Normalized distribution of (a) CW intensity and (b) FLT in the tumor (red) and normal tissue (green) for the U87 glioma tumor data in Figs. 2(d) and 2(g). Sensitivity, specificity, and accuracy of thresholding using (c) CW Intensity and (d) FLT. Sensitivity is calculated as the total number of pixels within the tumor area with intensity or lifetime above the threshold/total number of pixels within the tumor. Specificity is the total number of pixels outside the tumor area below the threshold intensity or lifetime/total number of pixels outside the tumor. Accuracy was calculated as follows: $F1\text{\hspace{0.17em}score}=2*\text{sensitivity}*\text{specificity}/(\text{sensitivity}+\text{specificity})$. Arrows indicate points of highest accuracy/least error.

Figure 4 shows the ROC curves for the CW- and FLT-based tumor identification, obtained by plotting the sensitivity versus the false-positive rate ($=1-\text{specificity}$). The FLT-based identification far outperforms the CW intensity with an area under the curve (AUC) of 0.99 for FLT compared to 0.81 for CW. A similar ROC analysis for the 4T1 tumors (not shown) resulted in an AUC of 0.8 for CW and 0.99 for FLT, and for the MDA-MB tumors resulted in an AUC of 0.97 for CW and 0.99 for FLT. Although the performance of CW is comparable to that of FLT for the MDA-MB case, it should be noted that the value of the CW-intensity threshold is not absolute and can be strongly affected by measurement conditions, such as laser power, uniformity of excitation power within the illumination field, variations in camera sensitivity, leakage of excitation light into emission filters, and spurious reflections from more complex tissue surfaces, such as ex-vivo tumor specimens. The FLT threshold, however, is generally more robust to changes in measurement conditions since the FLT is independent of many experimental parameters including excitation intensity and filter leakage.

Fig. 4.

ROC curves for the CW and FLT analysis of the glioma tumor data in Figs. 2(d) and 2(g). $\text{False-positive rate}=1-\text{specificity}$.

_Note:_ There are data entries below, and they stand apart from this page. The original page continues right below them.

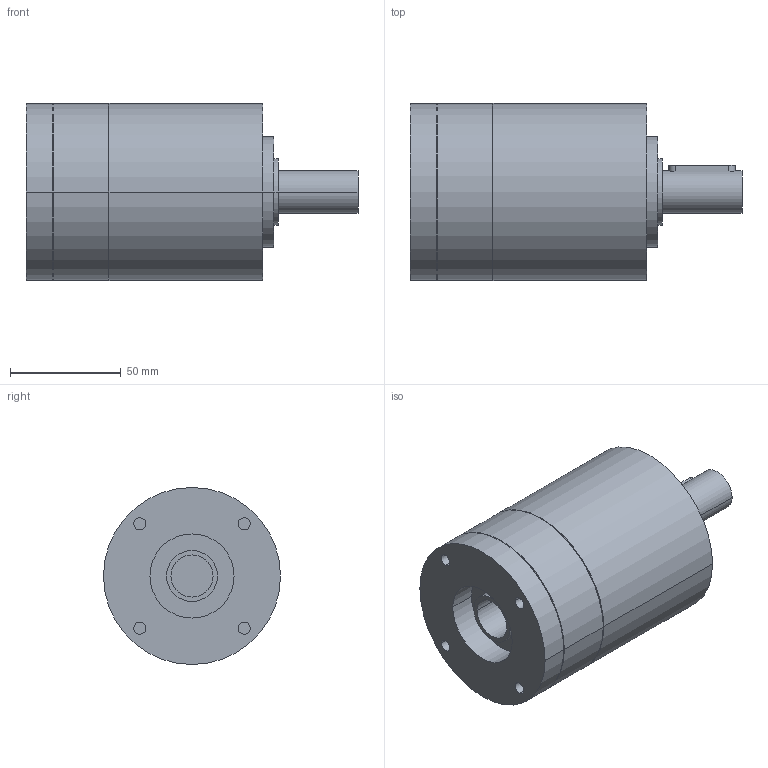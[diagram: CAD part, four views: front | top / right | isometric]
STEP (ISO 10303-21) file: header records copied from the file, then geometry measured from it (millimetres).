
FILE_DESCRIPTION(('CoCreate Modeling STEP Export'),'2;1');
FILE_NAME('GPR100_ig-3-4-5-6_19_B14_19_P01.stp','2014-08-26T10:08:31',(''),(''),'CoCreate Modeling STEP processor for AP214 (Solid Model)','CoCreate Modeling 16.00C 25-Feb-2009 (C) Parametric Technology GmbH','');
FILE_SCHEMA(('AUTOMOTIVE_DESIGN { 1 0 10303 214 1 1 1 1 }'));
Length unit declared in the file: millimetre
Products named in the file (2): GPR100_ig-3-4-5-6_19_B14_19_P01
Assembly tree (1 placements, depth 2):
  GPR100_ig-3-4-5-6_19_B14_19_P01
    GPR100_ig-3-4-5-6_19_B14_19_P01
Bounding box: 150 x 80 x 80 mm (x, y, z)
Volume: 534296.4 mm3; surface area: 47429.1 mm2
Topology: 1 solids, 1 shells, 77 faces, 196 edges, 140 vertices
Faces by surface type: cylinder 46, plane 25, cone 6
Entity records: 1961 total; most frequent: ORIENTED_EDGE 388, CARTESIAN_POINT 359, DIRECTION 252, EDGE_CURVE 194, VERTEX_POINT 140, EDGE_LOOP 98, AXIS2_PLACEMENT_3D 97, FACE_OUTER_BOUND 77

The goal of the present study was not to identify the origins of the FLT difference between ICG within tumors and tissue AF, but rather to exploit this FLT contrast for enhancing tumor-tissue identification for in-vivo applications. We have observed in control mice that immediately after injection, the ICG FLT is increased in vivo to $\sim 0.68\mathrm{ns}$ compared to its in-vitro FLT ($\sim 0.4\mathrm{ns}$) in agreement with previous work,⁵ which attributed the increase in FLT to a change in polarity upon binding to albumin in blood. We have shown that the combination of enhanced ICG retention in tumors, long-time clearance of ICG from normal tissue, and increased FLT compared to surrounding healthy tissue offers a new opportunity for enhancing tumor specificity for clinical applications. The scope of the present study could be extended beyond the use of ICG for tumor identification alone, to enhance the sensitivity of other intraoperative applications of ICG currently in use. The application of FLT contrast for enhanced sensitivity can also extend to other NIR probes under development, including fluorophores that can be specifically labeled for disease targeting. At least two dyes currently in the FDA approval pipeline, IRDye800CW and chlorotoxin-Cy5.5 (tumor paint),^6,23 allow specific targeting. Probes can also be designed to shift FL upon binding to disease-specific molecular expression,^18,24,25 allowing an “optical switch” property that indicates the presence or absence of a particular disease. As more of these dyes advance to the clinic, FLT imaging can offer enhanced specificity and sensitivity for various disease applications. Our ongoing work is focused on validation and application of ICG-AF FLT contrast for clinical tumor margin assessment.

Disclosures

No conflicts of interest, financial or otherwise, are declared by the authors.